* **Data provided**:
------------------------------------------------
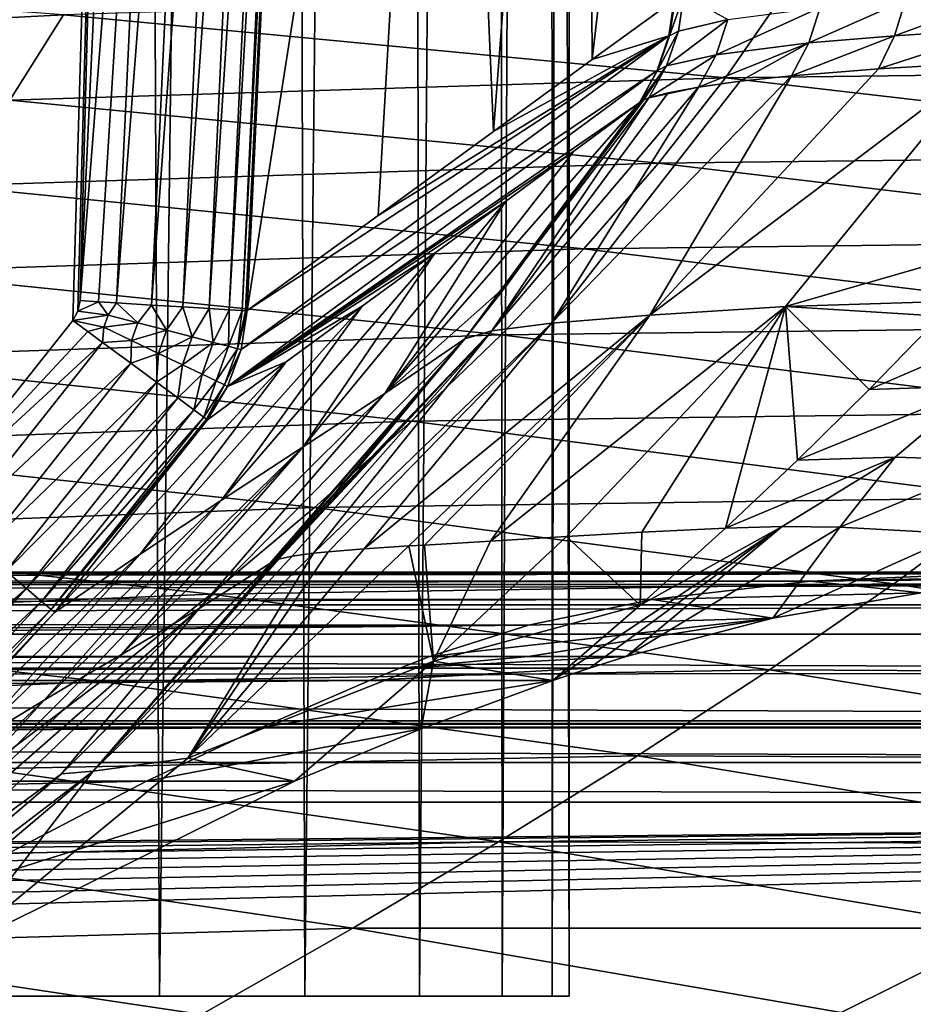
# Model space of a CAD drawing. Header units: metres. Extents: x -150 to 310, y -128 to 84.
# Tile 445 of 465: x 264.04 to 268.85, y 32.06 to 37.35. Entities that reach past the tile are written whole.
import ezdxf

# ---------------------------------------------------------------- set-up
doc = ezdxf.new("R2010")
doc.units = ezdxf.units.M
doc.layers.add('solid_26009703_SW0001_01', color=7, linetype='CONTINUOUS')

msp = doc.modelspace()

# ---------------------------------------------------------------- linework, layer by layer
at = {"layer": 'solid_26009703_SW0001_01'}
for points in [[(263.8573, 32.099998, 9.84706), (264.565948, 84.099998, 8.765393), (263.533142, 84.099998, 10.287792)], [(263.8573, 32.099998, -9.84706), (263.533142, 84.099998, -10.287792), (264.565948, 84.099998, -8.765393)], [(263.8573, 32.099998, 9.84706), (264.7966, 32.099998, 8.370223), (264.565948, 84.099998, 8.765393)], [(264.7966, 32.099998, -8.370223), (263.8573, 32.099998, -9.84706), (264.565948, 84.099998, -8.765393)], [(264.7966, 32.099998, 8.370223), (265.428894, 84.099998, 7.136945), (264.565948, 84.099998, 8.765393)], [(264.7966, 32.099998, -8.370223), (264.565948, 84.099998, -8.765393), (265.428894, 84.099998, -7.136945)], [(264.7966, 32.099998, 8.370223), (265.578522, 32.099998, 6.804354), (265.428894, 84.099998, 7.136945)], [(265.578522, 32.099998, -6.804354), (264.7966, 32.099998, -8.370223), (265.428894, 84.099998, -7.136945)], [(265.578522, 32.099998, 6.804354), (266.109314, 84.099998, 5.42968), (265.428894, 84.099998, 7.136945)], [(265.578522, 32.099998, -6.804354), (265.428894, 84.099998, -7.136945), (266.109314, 84.099998, -5.42968)], [(265.578522, 32.099998, 6.804354), (266.194885, 32.099998, 5.169191), (266.109314, 84.099998, 5.42968)], [(266.194885, 32.099998, -5.169191), (265.578522, 32.099998, -6.804354), (266.109314, 84.099998, -5.42968)], [(266.194885, 32.099998, 5.169191), (266.602783, 84.099998, 3.652678), (266.109314, 84.099998, 5.42968)], [(266.194885, 32.099998, -5.169191), (266.109314, 84.099998, -5.42968), (266.602783, 84.099998, -3.652678)], [(266.194885, 32.099998, 5.169191), (266.640991, 32.099998, 3.474618), (266.602783, 84.099998, 3.652678)], [(266.640991, 32.099998, -3.474618), (266.194885, 32.099998, -5.169191), (266.602783, 84.099998, -3.652678)], [(266.640991, 32.099998, 3.474618), (266.899353, 84.099998, 1.843907), (266.602783, 84.099998, 3.652678)], [(266.640991, 32.099998, -3.474618), (266.602783, 84.099998, -3.652678), (266.899353, 84.099998, -1.843907)], [(266.640991, 32.099998, 3.474618), (266.909241, 32.099998, 1.751996), (266.899353, 84.099998, 1.843907)], [(266.909241, 32.099998, -1.751996), (266.640991, 32.099998, -3.474618), (266.899353, 84.099998, -1.843907)], [(267, 32.099998), (267, 84.099998), (266.899353, 84.099998, 1.843907)], [(266.909241, 32.099998, -1.751996), (266.899353, 84.099998, -1.843907), (267, 84.099998)], [(266.909241, 32.099998, 1.751996), (267, 32.099998), (266.899353, 84.099998, 1.843907)], [(266.909241, 32.099998, -1.751996), (267, 84.099998), (267, 32.099998)], [(263.458466, 49.970058, 20), (264.703918, 48.545513, 20), (263.547394, 34.747684, 20)], [(264.703918, 48.545513, 20), (264.330536, 35.733948, 20), (263.547394, 34.747684, 20)], [(264.703918, 48.545513, 20), (264.357544, 35.784363, 20), (264.330536, 35.733948, 20)], [(264.703918, 48.545513, 20), (264.369232, 35.840389, 20), (264.357544, 35.784363, 20)], [(264.703918, 48.545513, 20), (264.661865, 42.096809, 20), (264.369232, 35.840389, 20)], [(267.125, 37.136391, 95.30587), (267.086914, 43.197655, 82.825661), (267.886475, 43.764168, 113.747505)], [(267.566284, 37.456158, 112.994865), (267.125, 37.136391, 95.30587), (267.886475, 43.764168, 113.747505)], [(266.593384, 36.749409, 74.000565), (266.341583, 42.626316, 51.845074), (267.086914, 43.197655, 82.825661)], [(267.125, 37.136391, 95.30587), (266.593384, 36.749409, 74.000565), (267.086914, 43.197655, 82.825661)], [(266.341583, 42.626316, 51.845074), (265.268005, 35.786865, 20.878153), (265.560822, 42.057808, 20.878136)], [(265.973572, 36.297966, 49.16069), (265.268005, 35.786865, 20.878153), (266.341583, 42.626316, 51.845074)], [(266.593384, 36.749409, 74.000565), (265.973572, 36.297966, 49.16069), (266.341583, 42.626316, 51.845074)], [(264.858948, 42.089054, 20.021875), (264.369232, 35.840389, 20), (264.661865, 42.096809, 20)], [(264.468262, 35.83429, 20.005486), (264.369232, 35.840389, 20), (264.858948, 42.089054, 20.021875)], [(264.566071, 35.828255, 20.021875), (264.468262, 35.83429, 20.005486), (264.858948, 42.089054, 20.021875)], [(264.566071, 35.828255, 20.021875), (264.858948, 42.089054, 20.021875), (265.046448, 42.0816, 20.086437)], [(264.753357, 35.8167, 20.086437), (264.566071, 35.828255, 20.021875), (265.046448, 42.0816, 20.086437)], [(264.753357, 35.8167, 20.086437), (265.046448, 42.0816, 20.086437), (265.21524, 42.074741, 20.190548)], [(264.921967, 35.806297, 20.19055), (264.753357, 35.8167, 20.086437), (265.21524, 42.074741, 20.190548)], [(264.921967, 35.806297, 20.19055), (265.21524, 42.074741, 20.190548), (265.357117, 42.068737, 20.329145)], [(265.06369, 35.797554, 20.329147), (264.921967, 35.806297, 20.19055), (265.357117, 42.068737, 20.329145)], [(265.06369, 35.797554, 20.329147), (265.357117, 42.068737, 20.329145), (265.46521, 42.063812, 20.495493)], [(265.171661, 35.790894, 20.495495), (265.06369, 35.797554, 20.329147), (265.46521, 42.063812, 20.495493)], [(265.171661, 35.790894, 20.495495), (265.46521, 42.063812, 20.495493), (265.53421, 42.060131, 20.681503)], [(265.240631, 35.78664, 20.681505), (265.171661, 35.790894, 20.495495), (265.53421, 42.060131, 20.681503)], [(265.240631, 35.78664, 20.681505), (265.53421, 42.060131, 20.681503), (265.560822, 42.057808, 20.878136)], [(265.259369, 35.785484, 20.779083), (265.240631, 35.78664, 20.681505), (265.560822, 42.057808, 20.878136)], [(265.259369, 35.785484, 20.779083), (265.560822, 42.057808, 20.878136), (265.268005, 35.786865, 20.878153)], [(264.279724, 37.377167, 222.287445), (260.712738, 37.64011, 221.941879), (260.496521, 37.18232, 223.35112)], [(271.778748, 37.087719, 221.774826), (272.103668, 37.54863, 220.26416), (268.158569, 37.498146, 221.266678)], [(267.842285, 37.039299, 222.731812), (268.158569, 37.498146, 221.266678), (264.279724, 37.377167, 222.287445)], [(271.778748, 37.087719, 221.774826), (268.158569, 37.498146, 221.266678), (267.842285, 37.039299, 222.731812)], [(268.750305, 37.263809, 123.403496), (269.388123, 37.499325, 125.539551), (269.329987, 37.302471, 125.560265)], [(268.809662, 37.457817, 123.386452), (269.388123, 37.499325, 125.539551), (268.750305, 37.263809, 123.403496)], [(267.125, 37.136391, 95.30587), (267.566284, 37.456158, 112.994865), (267.537659, 37.26347, 112.999046)], [(267.540161, 37.264854, 113.034821), (267.537659, 37.26347, 112.999046), (267.566284, 37.456158, 112.994865)], [(267.617584, 37.484093, 114.359428), (267.540161, 37.264854, 113.034821), (267.570038, 37.459492, 113.036903)], [(267.617584, 37.484093, 114.359428), (267.588165, 37.289303, 114.364006), (267.540161, 37.264854, 113.034821)], [(267.540161, 37.264854, 113.034821), (267.566284, 37.456158, 112.994865), (267.570038, 37.459492, 113.036903)], [(267.854889, 37.352558, 117.797783), (267.588165, 37.289303, 114.364006), (267.617584, 37.484093, 114.359428)], [(268.809662, 37.457817, 123.386452), (268.290009, 37.226097, 121.215942), (268.350494, 37.416782, 121.202209)], [(268.809662, 37.457817, 123.386452), (268.750305, 37.263809, 123.403496), (268.290009, 37.226097, 121.215942)], [(268.350494, 37.416782, 121.202209), (267.79187, 37.162121, 117.807632), (267.854889, 37.352558, 117.797783)], [(268.350494, 37.416782, 121.202209), (268.290009, 37.226097, 121.215942), (267.79187, 37.162121, 117.807632)], [(263.991486, 36.91848, 223.717239), (264.279724, 37.377167, 222.287445), (260.496521, 37.18232, 223.35112)], [(267.842285, 37.039299, 222.731812), (264.279724, 37.377167, 222.287445), (263.991486, 36.91848, 223.717239)], [(267.854889, 37.352558, 117.797783), (267.524475, 37.102924, 114.370033), (267.588165, 37.289303, 114.364006)], [(267.854889, 37.352558, 117.797783), (267.79187, 37.162121, 117.807632), (267.524475, 37.102924, 114.370033)], [(267.588165, 37.289303, 114.364006), (267.476044, 37.078617, 113.032921), (267.540161, 37.264854, 113.034821)], [(267.588165, 37.289303, 114.364006), (267.524475, 37.102924, 114.370033), (267.476044, 37.078617, 113.032921)], [(269.329987, 37.302471, 125.560265), (269.237579, 37.120583, 125.591019), (268.665314, 37.08638, 123.458717)], [(268.750305, 37.263809, 123.403496), (269.329987, 37.302471, 125.560265), (268.665314, 37.08638, 123.458717)], [(265.235199, 35.577354, 20.882313), (265.268005, 35.786865, 20.878153), (267.537659, 37.26347, 112.999046)], [(265.235199, 35.577354, 20.882313), (267.537659, 37.26347, 112.999046), (267.474976, 37.077621, 113.003967)], [(267.537659, 37.26347, 112.999046), (265.268005, 35.786865, 20.878153), (265.973572, 36.297966, 49.16069)], [(267.537659, 37.26347, 112.999046), (265.973572, 36.297966, 49.16069), (266.593384, 36.749409, 74.000565)], [(267.537659, 37.26347, 112.999046), (266.593384, 36.749409, 74.000565), (267.125, 37.136391, 95.30587)], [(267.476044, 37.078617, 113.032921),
------------------------------------------------
Where the string "ezdxf" occurs in the data, return the whole line.

import ezdxf
doc = ezdxf.new("R2010")
doc.units = ezdxf.units.M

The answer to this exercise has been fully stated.